CVE-2026-45492 is an origin validation error that can let remote attackers access restricted functionality in affected Edge installations. Its impact is narrower than direct code execution, but origin validation weaknesses are closely watched because browsers rely on strict separation between web origins to enforce security rules across websites, applications and authentication flows.
The vulnerabilities illustrate why browser flaws discovered at contests such as Pwn2Own are treated as operational priorities by enterprise defenders. Pwn2Own has become a major venue for demonstrating working exploits against browsers, operating systems, virtualisation platforms, mobile devices and enterprise applications under controlled disclosure rules. Researchers receive rewards, vendors receive technical details, and patches are normally coordinated before full public advisories are issued.
Microsoft’s release channel shows that Edge 148.0.3967.70 carried fixes for all three desktop vulnerabilities on May 15. The iOS release on May 19 and Android release on May 21 carried fixes for CVE-2026-45495. The staggered release pattern reflects the different update paths for desktop and mobile platforms, and it places responsibility on users and administrators to verify that all endpoints have moved to patched builds.
Enterprise exposure is likely to vary widely. Organisations with automatic browser updates, endpoint management tools and software inventory systems should be able to reduce risk quickly. Environments that delay browser updates for compatibility testing, kiosk systems, shared workstations or unmanaged contractor devices may remain exposed for longer. Security teams are expected to prioritise checks for Edge versions below 148.0.3967.70 and confirm mobile deployment where Edge is used on managed phones and tablets.
The risk is not limited to attacks that begin with obvious downloads. Browser exploitation often starts with social engineering, compromised websites, malicious links, advertising abuse, phishing emails or files shared through collaboration platforms. User interaction requirements reduce automatic exploitability, but they do not remove risk, particularly where attackers can craft convincing lures around business processes, invoices, document review workflows or login prompts.
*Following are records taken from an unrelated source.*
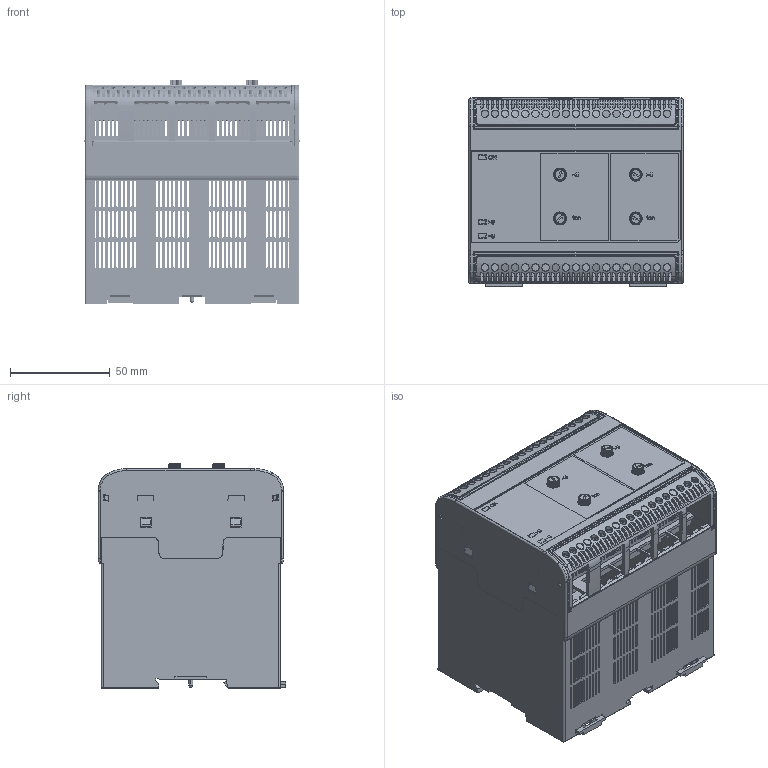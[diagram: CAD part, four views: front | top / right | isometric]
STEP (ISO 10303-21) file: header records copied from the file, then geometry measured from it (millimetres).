
FILE_DESCRIPTION (( 'STEP AP214' ), '1' );
FILE_NAME ('VMD258_1.STEP', '2014-06-27T05:37:19', ( 'User' ), ( 'Bender' ), 'SwSTEP 2.0', 'SolidWorks 2014', '' );
FILE_SCHEMA (( 'AUTOMOTIVE_DESIGN' ));
Length unit declared in the file: millimetre
Products named in the file (8): Oberteil_z152357.02-00_V26.2_VMD  =V2; VMD258_1; Z151798.03_Schieber; Klem_z152359.01-1_V3.11=V3; Klem_z152359.01-1_V4.11=V4; Unterteil_z152358.05-00_V22.3_JB4_ISO=V1; Potiknopf 9009 von ACP; Aufkleber VMD258
Assembly tree (11 placements, depth 2):
  VMD258_1
    Oberteil_z152357.02-00_V26.2_VMD  =V2
    Aufkleber VMD258
    Potiknopf 9009 von ACP  x4
    Unterteil_z152358.05-00_V22.3_JB4_ISO=V1
    Klem_z152359.01-1_V4.11=V4
    Klem_z152359.01-1_V3.11=V3
    Z151798.03_Schieber  x2
Bounding box: 108 x 94.2 x 112.52 mm (x, y, z)
Volume: 143509.4 mm3; surface area: 188105.7 mm2
Topology: 32 solids, 32 shells, 5471 faces, 15864 edges, 10333 vertices
Faces by surface type: plane 3588, cylinder 1629, cone 130, bspline 76, torus 48
Entity records: 169230 total; most frequent: CARTESIAN_POINT 43960, ORIENTED_EDGE 27794, DIRECTION 22539, EDGE_CURVE 13897, VECTOR 9407, LINE 9407, VERTEX_POINT 9111, AXIS2_PLACEMENT_3D 6566
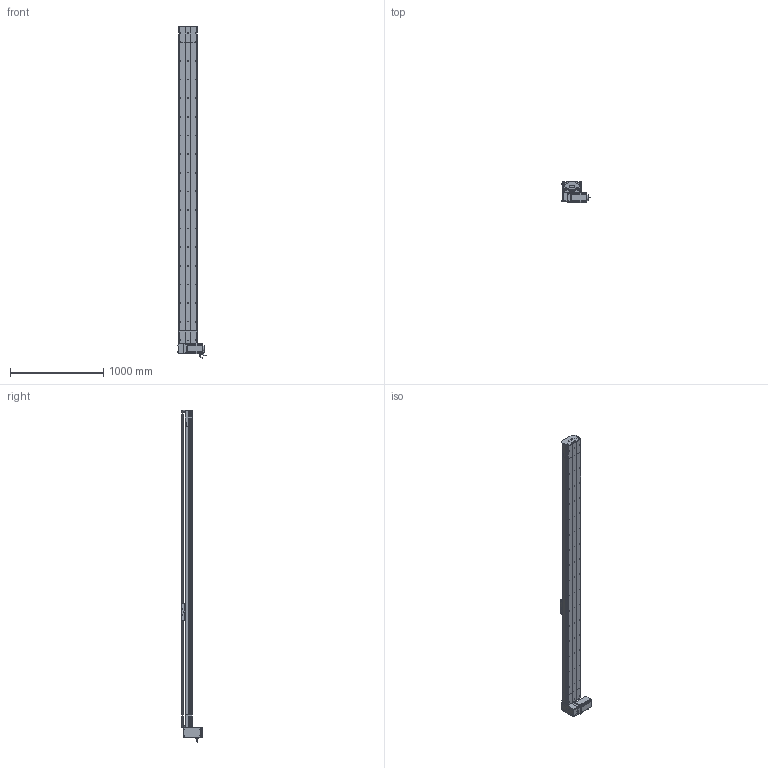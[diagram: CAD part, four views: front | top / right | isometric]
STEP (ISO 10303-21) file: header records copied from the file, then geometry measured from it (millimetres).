
FILE_DESCRIPTION (( 'STEP AP214' ), '1' );
FILE_NAME ('D20 TBH RU S3100.STEP', '2010-07-01T08:46:49', ( 'Conseil Régional Haute-Normandie' ), ( 'Conseil Régional Haute-Normandie' ), 'SwSTEP 2.0', 'SolidWorks 2010', '' );
FILE_SCHEMA (( 'AUTOMOTIVE_DESIGN' ));
Length unit declared in the file: millimetre
Products named in the file (40): corpl tail D20 +100_Default; chariot D20B_Default; Chariot D20B; guide D20B; plaque de  bout tail D20_Default; tail D20+100_Default; vis M8 L12_Default; clavette; Conecteur_Default; Conecteur2_Default; codeur 110BLDC170A-630x; vis M5 L70_Default; Plaque racord D20LH_Default; poulie tail D20_Default; Renvoi RU D20_Default; corps 110BLDC170A-630x; avant 110BLDC170A-630x; Moteur motionking 110BLDC170A-640x; vis M5 L5_Default; couroie_Default; corpl head D20_Default; cache arbre D20_Default; cache D20_Default; head RU_Default; rail head D20; plaque de  bout head D20B RU_Default; poulie head D20_Default; couvercle head D20_Default; rail tail D20; tete d''axe poulie D20B; couvercle tail D20_Default; Couroie tail D20_Default; vis M5 L12_Default; vis M5 L8 90°_Default; vis M5 L25_Default; Course B L3100_Default; D20 TBH RU S3100; rail + couroie  D20 S3100; couvercle D20 S3100_Default; corp D20 S3100_Default
Assembly tree (71 placements, depth 4):
  D20 TBH RU S3100
    chariot D20B_Default
      vis M5 L12_Default  x4
      guide D20B  x2
      Chariot D20B
    tail D20+100_Default
      vis M5 L8 90°_Default  x2
      tete d''axe poulie D20B
      couvercle tail D20_Default
      plaque de  bout tail D20_Default
      rail tail D20
      vis M5 L25_Default  x2
      corpl tail D20 +100_Default
      Couroie tail D20_Default
      poulie tail D20_Default
      vis M5 L12_Default  x4
    head RU_Default
      vis M8 L12_Default  x4
      vis M5 L12_Default  x10
      couroie_Default
      cache D20_Default  x2
      plaque de  bout head D20B RU_Default
      vis M5 L25_Default  x2
      vis M5 L5_Default  x4
      couvercle head D20_Default
      vis M5 L70_Default  x4
      Moteur motionking 110BLDC170A-640x
        avant 110BLDC170A-630x
        Conecteur2_Default
        clavette
        Conecteur_Default
        corps 110BLDC170A-630x
        codeur 110BLDC170A-630x
      Renvoi RU D20_Default
      rail head D20
      poulie head D20_Default
      Plaque racord D20LH_Default
      cache arbre D20_Default
      corpl head D20_Default
    Course B L3100_Default
      corp D20 S3100_Default
      couvercle D20 S3100_Default
      rail + couroie  D20 S3100
Bounding box: 304.2 x 223.2 x 3565 mm (x, y, z)
Volume: 27762644.9 mm3; surface area: 6860424.9 mm2
Topology: 95 solids, 95 shells, 2884 faces, 7440 edges, 4811 vertices
Faces by surface type: plane 1651, cylinder 909, bspline 136, cone 99, torus 89
Entity records: 93849 total; most frequent: CARTESIAN_POINT 30587, ORIENTED_EDGE 11536, DIRECTION 10813, EDGE_CURVE 5768, VERTEX_POINT 3797, VECTOR 3639, LINE 3639, AXIS2_PLACEMENT_3D 3587

The disclosures also underline the continuing security implications of Chromium’s dominance. Edge, Chrome and several other browsers share major parts of the Chromium code base, but vendors also add their own features, services and integration layers. Edge-specific vulnerabilities can emerge from those custom components, even when the underlying Chromium project is separately patched. That makes vendor-specific browser advisories important for defenders who may otherwise focus only on upstream Chromium updates.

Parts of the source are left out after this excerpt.